Ondulazione della corrente a getto polare e formazione della depressione

Il quadro meteorologico generale mostrerà i primi segnali di cedimento subito dopo il primo fine settimana del mese. Sebbene i primi giorni di settembre vedranno ancora il dominio del grande caldo sul territorio nazionale, l’ondulazione marcata della corrente a getto polare favorirà la discesa di un’estesa saccatura a ovest dell’arco alpino. Questo movimento spingerà un fronte freddo verso l’Italia tra l’8 e il 9 settembre, innescando la probabile formazione di un minimo di pressione al suolo. Tale dinamica sarà responsabile di una fase piovosa particolarmente intensa e diffusa, con caratteristiche che segneranno il passaggio ufficiale verso la nuova stagione climaticamente più fresca.

Temperature elevate e prima instabilità pomeridiana fino a martedì

Le giornate di lunedì 7 e martedì 8 settembre rappresenteranno la fase finale della grande calura estiva. Il sole sarà prevalente su quasi tutto il Paese, con valori termici decisamente elevati per il periodo e picchi che potranno raggiungere i 37 gradi sia nelle regioni settentrionali sia in quelle meridionali. Tuttavia, l’avvicinamento del fronte freddo alimenterà un progressivo aumento dell’instabilità atmosferica durante le ore pomeridiane. I primi temporali si manifesteranno principalmente lungo i rilievi delle Alpi e della dorsale appenninica, annunciando la fase di transizione verso il peggioramento più marcato.

La vera rottura della stagione estiva si realizzerà a partire dalla serata di martedì, quando i primi rovesci di forte intensità inizieranno a travalicare i monti per raggiungere le pianure del Piemonte e della Lombardia. Tra le giornate di mercoledì 9 e giovedì 10 settembre il maltempo entrerà nella sua fase più acuta su scala nazionale. Le precipitazioni temporalesche, intense e continue, colpiranno in prima battuta il Settentrione e le regioni centrali, per poi muoversi rapidamente verso il Mezzogiorno e le due isole maggiori, ponendo fine alle condizioni di stabilità meteo.

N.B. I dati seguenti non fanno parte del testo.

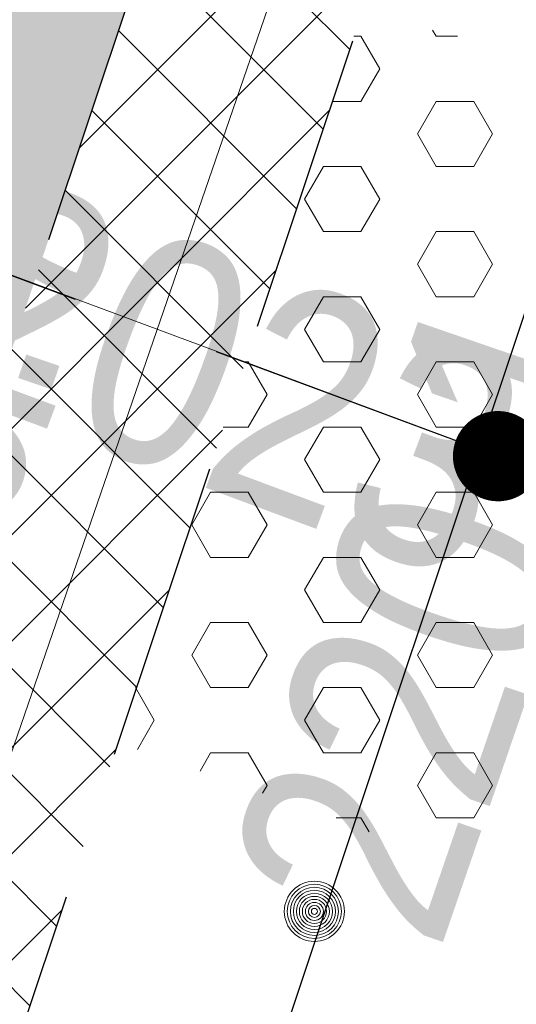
# Model space of a CAD drawing. Header units: metres. Extents: x 6599773 to 13199707, y 5688499 to 11377233.
# Tile 116 of 256: x 6599944.38 to 6599946.03, y 5688828.99 to 5688832.26. Entities that reach past the tile are written whole.
import ezdxf
from ezdxf import colors
from ezdxf.entities.mleader import LeaderData, LeaderLine
from ezdxf.enums import TextEntityAlignment as Align
from ezdxf.math import Vec2, Vec3

# ---------------------------------------------------------------- set-up
doc = ezdxf.new("R2010")
doc.units = ezdxf.units.M
doc.header["$MEASUREMENT"] = 0
for name, pattern in [('1', [0]), ('BUG', [1.5, 1, -0.5]), ('BUW', [1.5, 1, -0.5]), ('GUK', [2, 1.5, -0.5])]:
    doc.linetypes.add(name, pattern=pattern)
doc.layers.get('0').update_dxf_attribs({"linetype": 'CONTINUOUS', "lineweight": 5})
for name, color, linetype, lineweight in [('_KDPRZYKANALIK', 14, 'BUW', 30), ('_kolor chodnik', 50, '1', 0), ('_kolor umocn', 7, '1', 5), ('_kolor zjazdy kostka', 7, '1', 0), ('_kolor ścieżka', 10, '1', 0), ('_krawedz jezdni i pobocza', 7, 'BUG', 30), ('_opiskd', 14, 'CONTINUOUS', 15), ('AS__Nowe_granice', 140, 'CONTINUOUS', 30), ('Kontury', 90, 'GUK', 5), ('OTK_L_5', 7, 'CONTINUOUS', 5), ('OTR_T_1', 7, 'CONTINUOUS', 5), ('P_SUKP_E_T_0', 7, 'CONTINUOUS', 5), ('P_SUKP_L_0', 7, 'CONTINUOUS', 5)]:
    doc.layers.add(name, color=color, linetype=linetype, lineweight=lineweight)
doc.layers.add('_kolor jezdnia', color=7, linetype='1', lineweight=0, true_color=0x00dbdb)
doc.layers.add('_kolor pobocze', color=7, linetype='1', lineweight=0, true_color=0xff66ff)
doc.styles.add('opis', font='ARIALN.TTF', dxfattribs={"width": 0.7, "height": 1.1})
doc.styles.add('opis drzewa', font='ARIALN.TTF', dxfattribs={"width": 0.7, "height": 1.6})
doc.styles.add('STYL_ARIAL', font='ARIALN.TTF', dxfattribs={"width": 0.75, "oblique": 0.1})
pattern_1 = [(45, (0, 0), (-0.1767766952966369, 0.1767766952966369), []), (135, (0, 0), (-0.1767766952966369, -0.1767766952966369), [])]

# ---------------------------------------------------------------- blocks, each defined once
blk = doc.blocks.new('_Dot')
at = {"color": 0, "linetype": 'ByBlock', "lineweight": -2}
blk.add_line((-0.5, 0), (-1, 0), dxfattribs=at)
at = {"color": 0, "linetype": 'ByBlock', "const_width": 0.5}
blk.add_lwpolyline([(-0.25, 0, 1), (0.25, 0, 1)], format="xyb", close=True, dxfattribs=at)
blk = doc.blocks.new('801')
at = {"color": 0}
for radius in [0.1, 0.09, 0.08, 0.07, 0.06, 0.05, 0.04, 0.03, 0.02, 0.01]:
    blk.add_circle((0, 0), radius, dxfattribs=at)

msp = doc.modelspace()

# ---------------------------------------------------------------- hatches: boundary and pattern name
at = {"layer": '_kolor chodnik'}
h = msp.add_hatch(dxfattribs=at)
h.set_pattern_fill('ANSI37', color=256, scale=2)
h.set_pattern_definition(pattern_1)
h.paths.add_polyline_path([(6599849.938171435, 5688542.085872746), (6599852.232147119, 5688548.938742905), (6599853.573135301, 5688548.489851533), (6599853.827082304, 5688549.248475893), (6599851.793849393, 5688549.929093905), (6599849.895278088, 5688548.982823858), (6599847.823506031, 5688542.793750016)])
edge = h.paths.add_edge_path()
edge.add_line((6600018.106075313, 5689087.454911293), (6600022.42781917, 5689091.229234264))
edge.add_line((6600022.42781917, 5689091.229234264), (6600020.233254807, 5689093.742094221))
edge.add_line((6600020.233254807, 5689093.742094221), (6600017.159471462, 5689091.057656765))
edge.add_arc((6600023.275194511, 5689085.3851404), 8.341433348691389, 137.1531559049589, 148.8016577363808)
edge.add_line((6600016.140105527, 5689089.706021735), (6600018.106075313, 5689087.454911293))
h.paths.add_polyline_path([(6600038.501784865, 5689187.592294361), (6600037.906968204, 5689187.700586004), (6600037.63829624, 5689186.224843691), (6600038.240083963, 5689186.115282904)])
h.paths.add_polyline_path([(6600069.098302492, 5689360.276020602), (6600068.321239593, 5689360.413462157), (6600068.064048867, 5689358.936495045), (6600068.836639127, 5689358.799546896)])
h.paths.add_polyline_path([(6600082.393785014, 5689362.950258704), (6600082.941124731, 5689366.103121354), (6600081.481377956, 5689366.361351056), (6600080.923159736, 5689363.210828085)])
h.paths.add_polyline_path([(6600074.022236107, 5689388.065861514), (6600072.983907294, 5689388.249860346), (6600072.723374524, 5689386.77253894), (6600073.760538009, 5689386.588865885)])
h.paths.add_polyline_path([(6600105.613104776, 5689486.405659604), (6600106.749499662, 5689489.711933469), (6600105.298891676, 5689490.233346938), (6600104.143487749, 5689486.917306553)], flags=17)
h.paths.add_polyline_path([(6600132.519778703, 5689678.737346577), (6600131.761827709, 5689678.896110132), (6600131.444670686, 5689677.429261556), (6600132.212256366, 5689677.269208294)])
h.paths.add_polyline_path([(6600156.649397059, 5689798.7449027), (6600156.48800471, 5689797.958860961), (6600157.450195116, 5689797.757316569), (6600157.615023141, 5689798.542205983)])
h.paths.add_polyline_path([(6600189.055358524, 5689948.643107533), (6600187.902868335, 5689948.884512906), (6600187.600024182, 5689947.417400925), (6600188.748131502, 5689947.176379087)])
edge = h.paths.add_edge_path()
edge.add_line((6600204.459383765, 5690032.969035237), (6600204.153258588, 5690031.227801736))
edge.add_arc((6600202.328347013, 5690027.299936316), 4.331100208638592, 41.85300125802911, 65.08011549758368, ccw=False)
edge.add_arc((6600032.90393149, 5690051.979071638), 174.020003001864, 352.8070218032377, 353.495463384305)
edge.add_arc((6600202.372679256, 5690027.343587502), 5.999999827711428, 55.12102442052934, 69.64815978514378)
edge = h.paths.add_edge_path()
edge.add_line((6600205.046027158, 5690040.265402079), (6600204.972740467, 5690038.483452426))
edge.add_arc((6600203.986269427, 5690044.401803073), 5.999999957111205, 279.4630688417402, 294.9140560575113)
edge.add_line((6600206.513819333, 5690038.960158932), (6600206.607027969, 5690041.030672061))
edge.add_arc((6600203.986269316, 5690044.401803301), 4.270000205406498, 284.3702444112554, 307.86193139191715, ccw=False)
edge = h.paths.add_edge_path()
edge.add_arc((6600203.547470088, 5690044.558759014), 6.446878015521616, 324.4350091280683, 356.2013368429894, ccw=False)
edge.add_arc((6600203.986269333, 5690044.401803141), 6.00000007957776, 323.2169970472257, 357.4193489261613)
h.paths.add_polyline_path([(6600208.910055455, 5690121.713696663), (6600208.146285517, 5690121.748120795), (6600207.125602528, 5690121.794124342), (6600209.971605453, 5690121.665851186)])
edge = h.paths.add_edge_path()
edge.add_line((6600238.769818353, 5690481.648294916), (6600240.338176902, 5690490.873746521))
edge.add_line((6600240.338176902, 5690490.873746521), (6600241.251295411, 5690510.829461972))
edge.add_line((6600241.251295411, 5690510.829461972), (6600239.524022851, 5690510.928942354))
edge.add_line((6600239.524022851, 5690510.928942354), (6600238.633343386, 5690491.167757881))
edge.add_line((6600238.633343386, 5690491.167757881), (6600234.579716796, 5690467.661262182))
edge.add_line((6600234.579716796, 5690467.661262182), (6600234.449796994, 5690464.966873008))
edge.add_arc((6600242.443669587, 5690464.607462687), 8.00194818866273, 177.4256738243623, 268.2543056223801)
edge.add_line((6600242.199903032, 5690456.609228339), (6600242.216657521, 5690457.359274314))
edge.add_line((6600242.216657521, 5690457.359274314), (6600242.305257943, 5690458.836738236))
edge.add_arc((6600242.444504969, 5690464.607952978), 5.772894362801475, 177.0298084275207, 268.6178439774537, ccw=False)
edge.add_line((6600236.679365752, 5690464.907083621), (6600236.951876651, 5690470.95443634))
edge.add_line((6600236.951876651, 5690470.95443634), (6600238.150786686, 5690478.210832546))
edge.add_line((6600238.150786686, 5690478.210832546), (6600238.769818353, 5690481.648294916))
h.paths.add_polyline_path([(6600238.769818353, 5690481.648294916), (6600238.150786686, 5690478.210832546), (6600239.670056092, 5690477.930590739), (6600240.266710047, 5690481.376366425)], flags=17)
edge = h.paths.add_edge_path()
edge.add_line((6600223.366500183, 5690460.339976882), (6600223.276803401, 5690457.948865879))
edge.add_arc((6600221.105749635, 5690465.64864014), 7.999999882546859, 285.7465040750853, 299.8464885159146)
edge.add_line((6600225.08717264, 5690458.709744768), (6600225.240084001, 5690461.623695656))
edge.add_arc((6600221.105749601, 5690465.648640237), 5.769999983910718, 293.06724420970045, 315.7681070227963, ccw=False)
edge = h.paths.add_edge_path()
edge.add_arc((6600220.025145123, 5690444.676291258), 5.77000016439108, 37.996647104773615, 59.94382588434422, ccw=False)
edge.add_line((6600224.572175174, 5690448.22839199), (6600224.817793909, 5690451.081798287))
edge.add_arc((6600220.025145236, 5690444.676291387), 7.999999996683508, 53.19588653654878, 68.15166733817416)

L’irruzione polare porterà un calo marcato delle temperature, sebbene i modelli matematici mostrino ancora margini di incertezza sulla reale entità della flessione termica. Nelle regioni del Nord le temperature massime subiranno un vero e proprio abbattimento, portandosi complessivamente tra i 25 e i 28 gradi. Al Centro-Sud la diminuzione risulterà leggermente più contenuta, con i valori massimi che si attesteranno tra i 28 e i 35 gradi. Il quadro termico generale rimarrà comunque caratterizzato da spiccata variabilità, con possibili repentine oscillazioni tra temporanei brevi rialzi e improvvisi cali delle temperature.

Rischio nubifragi e accumuli rilevanti per il caldo accumulato

L’energia termica accumulata nel corso dell’estate e la temperatura elevata della superficie dei mari italiani rappresenteranno un potente carburante per la formazione di fenomeni atmosferici violenti. Le valutazioni degli esperti evidenziano un concreto rischio di nubifragi capaci di scaricare a terra grandi quantitativi di pioggia in tempi ristretti, in modo particolare in diverse zone del Nord Italia. L’interazione tra l’aria fredda in arrivo e la massa d’aria calda e umida preesistente al suolo genererà celle temporalesche di forte intensità, con la necessità di monitorare attentamente l’evoluzione attraverso i successivi bollettini previsionali.

Resistenza dell’anticiclone e del caldo sulle regioni meridionali

Mentre il Centro-Nord farà i conti con l’arrivo tempestivo di piogge e rovesci diffusi, il Mezzogiorno sperimenterà una temporanea fase di attesa. L’influenza residua dell’anticiclone riuscirà a garantire ancora qualche giorno di tempo stabile e temperature molto elevate sulle regioni meridionali e sulle isole maggiori. Questa resistenza del caldo estivo sarà tuttavia destinata a cedere rapidamente nel momento in cui il sistema frontale riuscirà ad avanzare verso meridione, estendendo anche a questi settori la fase di marcato maltempo e il generale calo delle temperature.